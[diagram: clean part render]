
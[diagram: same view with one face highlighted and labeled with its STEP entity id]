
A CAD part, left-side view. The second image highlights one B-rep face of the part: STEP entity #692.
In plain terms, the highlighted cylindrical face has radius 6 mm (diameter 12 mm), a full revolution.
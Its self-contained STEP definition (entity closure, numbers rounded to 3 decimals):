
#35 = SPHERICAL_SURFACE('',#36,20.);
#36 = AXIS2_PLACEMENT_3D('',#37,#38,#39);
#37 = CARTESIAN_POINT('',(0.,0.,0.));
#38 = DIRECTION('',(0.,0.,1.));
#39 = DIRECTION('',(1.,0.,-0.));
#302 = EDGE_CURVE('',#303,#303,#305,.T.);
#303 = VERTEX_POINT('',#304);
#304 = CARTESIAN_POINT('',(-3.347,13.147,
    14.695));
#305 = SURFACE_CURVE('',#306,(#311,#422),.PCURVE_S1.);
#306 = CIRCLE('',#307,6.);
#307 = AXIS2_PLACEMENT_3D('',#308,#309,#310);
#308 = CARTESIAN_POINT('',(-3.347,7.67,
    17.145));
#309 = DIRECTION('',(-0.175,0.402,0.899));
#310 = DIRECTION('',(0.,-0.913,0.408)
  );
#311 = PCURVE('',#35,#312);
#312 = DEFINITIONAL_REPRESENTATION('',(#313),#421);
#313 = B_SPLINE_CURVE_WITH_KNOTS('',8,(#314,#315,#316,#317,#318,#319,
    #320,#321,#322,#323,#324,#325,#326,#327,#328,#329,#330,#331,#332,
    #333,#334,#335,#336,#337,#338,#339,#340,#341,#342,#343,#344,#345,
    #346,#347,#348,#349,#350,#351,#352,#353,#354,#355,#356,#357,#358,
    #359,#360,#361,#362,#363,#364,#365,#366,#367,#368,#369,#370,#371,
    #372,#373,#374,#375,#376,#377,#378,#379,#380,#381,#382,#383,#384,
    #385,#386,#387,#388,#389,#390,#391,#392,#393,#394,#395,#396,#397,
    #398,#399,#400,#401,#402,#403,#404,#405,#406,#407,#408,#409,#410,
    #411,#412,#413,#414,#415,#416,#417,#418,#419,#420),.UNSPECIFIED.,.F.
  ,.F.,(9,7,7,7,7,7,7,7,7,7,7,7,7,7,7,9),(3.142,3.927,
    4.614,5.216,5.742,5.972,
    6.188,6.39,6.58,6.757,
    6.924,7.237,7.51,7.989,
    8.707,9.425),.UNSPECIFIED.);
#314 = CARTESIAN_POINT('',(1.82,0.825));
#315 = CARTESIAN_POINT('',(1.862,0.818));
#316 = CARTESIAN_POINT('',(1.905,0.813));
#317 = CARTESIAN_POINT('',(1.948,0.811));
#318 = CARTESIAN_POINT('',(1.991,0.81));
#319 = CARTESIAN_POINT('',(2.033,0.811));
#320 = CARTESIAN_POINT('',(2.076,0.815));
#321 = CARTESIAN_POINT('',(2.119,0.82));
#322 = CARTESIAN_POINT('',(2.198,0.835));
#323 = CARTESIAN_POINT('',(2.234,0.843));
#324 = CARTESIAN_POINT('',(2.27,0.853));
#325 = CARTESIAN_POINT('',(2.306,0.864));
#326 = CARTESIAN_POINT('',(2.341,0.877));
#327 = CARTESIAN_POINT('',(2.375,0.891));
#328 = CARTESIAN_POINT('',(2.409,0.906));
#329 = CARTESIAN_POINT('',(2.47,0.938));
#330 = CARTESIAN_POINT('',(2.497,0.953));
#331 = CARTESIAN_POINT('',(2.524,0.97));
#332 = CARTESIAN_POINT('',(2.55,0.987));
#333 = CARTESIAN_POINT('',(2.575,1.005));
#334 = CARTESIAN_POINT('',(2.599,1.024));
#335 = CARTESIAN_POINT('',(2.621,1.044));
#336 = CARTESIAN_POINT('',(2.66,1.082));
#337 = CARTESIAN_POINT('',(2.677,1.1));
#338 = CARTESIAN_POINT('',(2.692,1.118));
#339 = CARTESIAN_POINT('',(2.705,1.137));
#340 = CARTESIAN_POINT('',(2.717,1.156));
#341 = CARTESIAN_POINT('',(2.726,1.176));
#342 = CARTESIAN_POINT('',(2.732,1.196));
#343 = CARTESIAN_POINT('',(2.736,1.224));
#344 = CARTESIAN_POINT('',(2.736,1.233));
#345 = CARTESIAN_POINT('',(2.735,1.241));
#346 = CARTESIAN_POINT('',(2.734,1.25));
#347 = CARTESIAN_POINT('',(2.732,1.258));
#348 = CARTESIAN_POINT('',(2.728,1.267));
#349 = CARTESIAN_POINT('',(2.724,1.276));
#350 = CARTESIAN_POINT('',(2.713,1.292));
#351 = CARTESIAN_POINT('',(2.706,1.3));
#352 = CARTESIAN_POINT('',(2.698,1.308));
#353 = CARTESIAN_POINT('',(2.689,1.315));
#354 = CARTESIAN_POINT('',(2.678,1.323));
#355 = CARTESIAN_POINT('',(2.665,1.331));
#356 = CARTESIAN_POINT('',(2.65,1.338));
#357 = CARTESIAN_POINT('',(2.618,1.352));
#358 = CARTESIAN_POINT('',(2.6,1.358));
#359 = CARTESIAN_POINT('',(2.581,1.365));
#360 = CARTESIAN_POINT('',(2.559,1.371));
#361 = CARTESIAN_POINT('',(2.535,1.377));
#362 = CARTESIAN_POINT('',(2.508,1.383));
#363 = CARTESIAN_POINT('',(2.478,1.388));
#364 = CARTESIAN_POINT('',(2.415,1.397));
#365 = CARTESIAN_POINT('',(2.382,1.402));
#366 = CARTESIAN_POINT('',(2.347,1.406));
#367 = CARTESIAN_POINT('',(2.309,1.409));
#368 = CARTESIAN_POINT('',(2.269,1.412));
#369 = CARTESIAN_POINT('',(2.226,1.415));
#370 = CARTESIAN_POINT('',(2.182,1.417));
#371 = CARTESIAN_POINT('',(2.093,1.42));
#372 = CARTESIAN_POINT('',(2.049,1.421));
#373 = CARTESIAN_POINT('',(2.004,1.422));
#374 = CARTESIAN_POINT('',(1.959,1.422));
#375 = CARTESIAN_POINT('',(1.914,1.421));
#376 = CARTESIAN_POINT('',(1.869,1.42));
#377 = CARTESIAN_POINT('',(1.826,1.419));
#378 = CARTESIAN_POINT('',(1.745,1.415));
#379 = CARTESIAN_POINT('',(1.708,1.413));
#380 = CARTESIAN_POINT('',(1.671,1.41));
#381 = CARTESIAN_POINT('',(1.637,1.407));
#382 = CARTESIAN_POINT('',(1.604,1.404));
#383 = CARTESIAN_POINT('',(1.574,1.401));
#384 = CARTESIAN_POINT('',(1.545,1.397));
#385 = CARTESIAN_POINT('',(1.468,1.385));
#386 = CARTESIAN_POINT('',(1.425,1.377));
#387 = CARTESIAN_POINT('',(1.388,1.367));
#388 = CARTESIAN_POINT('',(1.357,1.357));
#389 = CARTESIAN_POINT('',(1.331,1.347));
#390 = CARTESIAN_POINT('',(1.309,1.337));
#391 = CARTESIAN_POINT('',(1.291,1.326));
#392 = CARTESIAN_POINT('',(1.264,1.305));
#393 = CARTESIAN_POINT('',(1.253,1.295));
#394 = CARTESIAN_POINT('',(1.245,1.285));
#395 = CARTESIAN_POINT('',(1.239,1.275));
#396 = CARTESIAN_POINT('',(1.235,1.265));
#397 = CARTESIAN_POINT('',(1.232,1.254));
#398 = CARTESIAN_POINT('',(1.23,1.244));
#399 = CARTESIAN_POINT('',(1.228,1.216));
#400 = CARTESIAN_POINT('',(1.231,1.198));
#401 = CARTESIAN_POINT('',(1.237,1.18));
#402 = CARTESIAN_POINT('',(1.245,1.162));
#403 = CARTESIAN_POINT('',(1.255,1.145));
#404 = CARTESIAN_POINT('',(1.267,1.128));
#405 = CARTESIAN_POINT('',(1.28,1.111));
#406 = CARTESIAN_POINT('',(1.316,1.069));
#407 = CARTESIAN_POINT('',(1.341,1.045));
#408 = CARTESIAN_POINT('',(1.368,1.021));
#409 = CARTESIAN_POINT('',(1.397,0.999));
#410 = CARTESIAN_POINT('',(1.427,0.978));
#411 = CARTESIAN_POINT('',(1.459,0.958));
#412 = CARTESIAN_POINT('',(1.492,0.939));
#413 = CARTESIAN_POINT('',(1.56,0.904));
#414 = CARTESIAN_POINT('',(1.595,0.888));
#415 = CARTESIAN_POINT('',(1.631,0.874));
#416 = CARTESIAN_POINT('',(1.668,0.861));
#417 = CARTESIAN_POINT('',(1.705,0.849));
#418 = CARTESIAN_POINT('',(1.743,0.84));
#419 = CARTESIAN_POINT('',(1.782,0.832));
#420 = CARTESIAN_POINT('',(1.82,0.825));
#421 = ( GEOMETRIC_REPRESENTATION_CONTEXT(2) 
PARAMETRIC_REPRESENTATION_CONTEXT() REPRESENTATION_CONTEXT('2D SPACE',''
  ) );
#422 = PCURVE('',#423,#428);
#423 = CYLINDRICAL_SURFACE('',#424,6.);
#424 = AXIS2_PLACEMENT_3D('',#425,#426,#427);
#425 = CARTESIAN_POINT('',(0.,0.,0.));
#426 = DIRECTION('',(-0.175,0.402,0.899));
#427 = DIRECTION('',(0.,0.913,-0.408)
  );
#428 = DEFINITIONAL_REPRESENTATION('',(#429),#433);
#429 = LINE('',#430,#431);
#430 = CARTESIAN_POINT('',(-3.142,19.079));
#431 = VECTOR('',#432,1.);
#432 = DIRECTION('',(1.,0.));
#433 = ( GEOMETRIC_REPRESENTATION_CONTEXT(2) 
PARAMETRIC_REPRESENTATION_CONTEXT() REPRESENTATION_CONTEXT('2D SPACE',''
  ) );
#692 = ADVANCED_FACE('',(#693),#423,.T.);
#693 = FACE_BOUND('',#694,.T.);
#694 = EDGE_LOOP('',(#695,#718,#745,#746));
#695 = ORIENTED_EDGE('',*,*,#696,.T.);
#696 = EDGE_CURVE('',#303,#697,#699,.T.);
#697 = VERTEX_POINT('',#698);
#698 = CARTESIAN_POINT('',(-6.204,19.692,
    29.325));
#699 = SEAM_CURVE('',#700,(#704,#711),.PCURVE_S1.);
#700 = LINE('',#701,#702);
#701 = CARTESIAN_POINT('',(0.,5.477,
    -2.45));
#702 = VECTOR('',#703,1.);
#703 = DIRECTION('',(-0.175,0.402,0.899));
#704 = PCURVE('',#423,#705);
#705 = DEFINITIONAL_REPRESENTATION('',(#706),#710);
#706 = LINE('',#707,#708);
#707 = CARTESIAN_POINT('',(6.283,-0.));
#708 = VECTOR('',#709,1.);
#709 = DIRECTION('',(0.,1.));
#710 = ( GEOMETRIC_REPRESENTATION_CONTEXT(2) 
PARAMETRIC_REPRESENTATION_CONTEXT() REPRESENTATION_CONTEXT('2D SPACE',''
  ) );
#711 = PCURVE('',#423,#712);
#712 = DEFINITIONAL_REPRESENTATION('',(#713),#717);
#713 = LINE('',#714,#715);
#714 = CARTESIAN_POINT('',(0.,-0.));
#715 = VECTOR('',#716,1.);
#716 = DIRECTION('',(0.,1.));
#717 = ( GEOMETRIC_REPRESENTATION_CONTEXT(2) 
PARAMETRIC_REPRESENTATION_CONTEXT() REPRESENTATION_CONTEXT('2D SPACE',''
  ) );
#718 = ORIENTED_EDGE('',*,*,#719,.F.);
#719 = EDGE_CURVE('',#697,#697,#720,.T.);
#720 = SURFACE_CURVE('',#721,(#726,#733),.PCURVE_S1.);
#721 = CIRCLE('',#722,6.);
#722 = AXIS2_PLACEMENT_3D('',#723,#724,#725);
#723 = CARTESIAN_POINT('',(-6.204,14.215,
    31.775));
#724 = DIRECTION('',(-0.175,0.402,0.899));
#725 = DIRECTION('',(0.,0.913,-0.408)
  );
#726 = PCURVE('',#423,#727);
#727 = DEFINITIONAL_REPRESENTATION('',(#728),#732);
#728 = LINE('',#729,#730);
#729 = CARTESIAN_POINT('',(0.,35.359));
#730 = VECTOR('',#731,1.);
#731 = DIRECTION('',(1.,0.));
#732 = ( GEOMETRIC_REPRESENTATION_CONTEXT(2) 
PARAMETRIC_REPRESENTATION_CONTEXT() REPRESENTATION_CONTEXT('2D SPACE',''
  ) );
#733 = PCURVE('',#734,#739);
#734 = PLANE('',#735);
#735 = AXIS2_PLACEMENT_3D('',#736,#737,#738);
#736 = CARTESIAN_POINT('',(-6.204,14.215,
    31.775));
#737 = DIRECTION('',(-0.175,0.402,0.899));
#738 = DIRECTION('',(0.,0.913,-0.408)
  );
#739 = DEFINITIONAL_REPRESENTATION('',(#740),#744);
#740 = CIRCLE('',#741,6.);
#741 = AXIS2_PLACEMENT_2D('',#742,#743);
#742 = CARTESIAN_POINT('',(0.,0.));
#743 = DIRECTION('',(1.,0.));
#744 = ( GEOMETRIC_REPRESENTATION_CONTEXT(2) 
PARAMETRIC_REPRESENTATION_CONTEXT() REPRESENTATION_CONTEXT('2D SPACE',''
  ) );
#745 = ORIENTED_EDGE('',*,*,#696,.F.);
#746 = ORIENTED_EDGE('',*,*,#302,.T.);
•••
» **TASK PROMPT**: Set down again, word for word, the stretch of records from the line with "#715 = VECTOR('',#716,1.);" to the line with "#737 = DIRECTION('',(-0.175,0.402,0.899));", both of those lines included.

» **RESPONSE TO THE EXERCISE**:
#715 = VECTOR('',#716,1.);
#716 = DIRECTION('',(0.,1.));
#717 = ( GEOMETRIC_REPRESENTATION_CONTEXT(2) 
PARAMETRIC_REPRESENTATION_CONTEXT() REPRESENTATION_CONTEXT('2D SPACE',''
  ) );
#718 = ORIENTED_EDGE('',*,*,#719,.F.);
#719 = EDGE_CURVE('',#697,#697,#720,.T.);
#720 = SURFACE_CURVE('',#721,(#726,#733),.PCURVE_S1.);
#721 = CIRCLE('',#722,6.);
#722 = AXIS2_PLACEMENT_3D('',#723,#724,#725);
#723 = CARTESIAN_POINT('',(-6.204,14.215,
    31.775));
#724 = DIRECTION('',(-0.175,0.402,0.899));
#725 = DIRECTION('',(0.,0.913,-0.408)
  );
#726 = PCURVE('',#423,#727);
#727 = DEFINITIONAL_REPRESENTATION('',(#728),#732);
#728 = LINE('',#729,#730);
#729 = CARTESIAN_POINT('',(0.,35.359));
#730 = VECTOR('',#731,1.);
#731 = DIRECTION('',(1.,0.));
#732 = ( GEOMETRIC_REPRESENTATION_CONTEXT(2) 
PARAMETRIC_REPRESENTATION_CONTEXT() REPRESENTATION_CONTEXT('2D SPACE',''
  ) );
#733 = PCURVE('',#734,#739);
#734 = PLANE('',#735);
#735 = AXIS2_PLACEMENT_3D('',#736,#737,#738);
#736 = CARTESIAN_POINT('',(-6.204,14.215,
    31.775));
#737 = DIRECTION('',(-0.175,0.402,0.899));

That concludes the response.